# DH holiday suggestions



## richjar (Jan 8, 2006)

hiya
I'm at work bored and thinking of getting away for a bike trip. Looking at 1st week of Sept or maybe last week of Aug, for mostly downhill alps type riding. I fancy a change from Morzine/Les Gets, but I'm worried the lifts are going to start closing then. 
Any ideas/suggestions?

thanks!


----------



## Nsynk (Sep 30, 2008)

les deux alpes and alpe de huez are ace and right next to each other so you get two areas to ride. Here is an example of the trails (from my headcam at the Mondial du VTT)

http://www.pinkbike.com/video/88037/.

Or you could google "mountain of hell" or "megavalanche" for more videos from the resorts

The lifts close on 1st sept so last week in August is a must.


----------



## richjar (Jan 8, 2006)

thanks for the tip! I'll check it out...


----------



## mcgemski (Nov 6, 2008)

Les Deux Alpes is excelent. Have you also though about the Pyrenees. I have just come back from three weeks riding there and still didnt get all the riding done that I wanted to. The best place to start would be Andorra which has two bike parks (one in Val Nord and the other in Soldeu), then there is Lucheon and Ax Les Thermes in France and La Molina in Spain. If you want full-on free ride and want to fly then try Finale in Italy, which is my favourite place to ride in europe and easy to get to via plane. Also there is riding along the coast in France at Monaco and Nice which you could also check out from finale. Finally, you also have to check out two other Italian possibilities, Livingo and Pila. Pila for more Downhill, Livingo for more freeride/single track. 

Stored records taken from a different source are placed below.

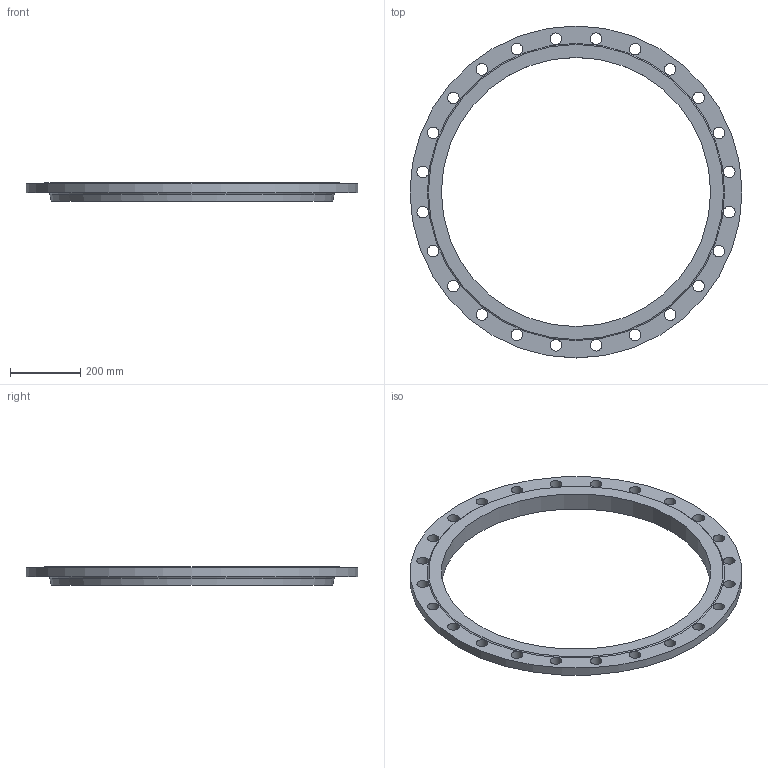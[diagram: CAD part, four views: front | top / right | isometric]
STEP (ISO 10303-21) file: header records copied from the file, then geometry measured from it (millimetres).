
FILE_DESCRIPTION(/* description */ (''),/* implementation_level */ '2;1');
FILE_NAME(/* name */ 'C:\Users\D\Documents\Inventor\HP\JIS\フランジ\JIS 5k soh rf\jis5k-soh-rf-750.stp',/* time_stamp */ '2024-08-29T14:25:59+09:00',/* author */ ('D'),/* organization */ (''),/* preprocessor_version */ 'ST-DEVELOPER v18',/* originating_system */ 'Autodesk Inventor 2020',/* authorisation */ '');
FILE_SCHEMA (('AUTOMOTIVE_DESIGN { 1 0 10303 214 3 1 1 }'));
Length unit declared in the file: millimetre
Products named in the file (1): jis5k-soh-ff-450
Bounding box: 945 x 945 x 52 mm (x, y, z)
Volume: 6980081.5 mm3; surface area: 753931.7 mm2
Topology: 1 solids, 1 shells, 33 faces, 95 edges, 66 vertices
Faces by surface type: cylinder 26, plane 4, torus 2, cone 1
Full cylindrical faces by diameter (mm): 33 x24, 766 x1, 945 x1
Entity records: 1282 total; most frequent: DIRECTION 231, CARTESIAN_POINT 195, ORIENTED_EDGE 190, AXIS2_PLACEMENT_3D 102, EDGE_CURVE 95, EDGE_LOOP 85, CIRCLE 68, VERTEX_POINT 66

My only real advice would be to not be to strict on riding in france, there is often better, less busy riding to be had elsewhere. This often works out cheap and is why I was a way for 3 weeks this year instead of the normal 2.

Good luck with deciding where to go.


----------



## seosamh (Mar 17, 2007)

if you want trail where you'll never meet a sole, this could be a good shout, i'm heading up to the torridon area in scotland in september, youth hosteling it for a week, the area and trails will be second to none i reckon, and pretty remote so care needs to be taken. but apprently some of the best trail the uk has to offer, proper natural mtbing.

but no lifts, you need to make you own way up these feckers to get the good dh stuff. 

if you want, i'll post a map of the trails i'm going to be trying.. information is a bit sparse on the ground mind you, but it's more adventure mtb than trail centre  (more than few 6/7km dh), for forum posts etc http://www.bikemagic.com/search/torridon.

it's an option anyhow, should state that september is often decent in scotland, weather wise, but it can be brutal also, so bring waterproofs and warm clothes!


----------



## richjar (Jan 8, 2006)

thanks for the tips guys. Ive gone for a week in Verbier, Switz. Bit of a mix of uplift and some pedalling. Some good options for next year though. Cheers


----------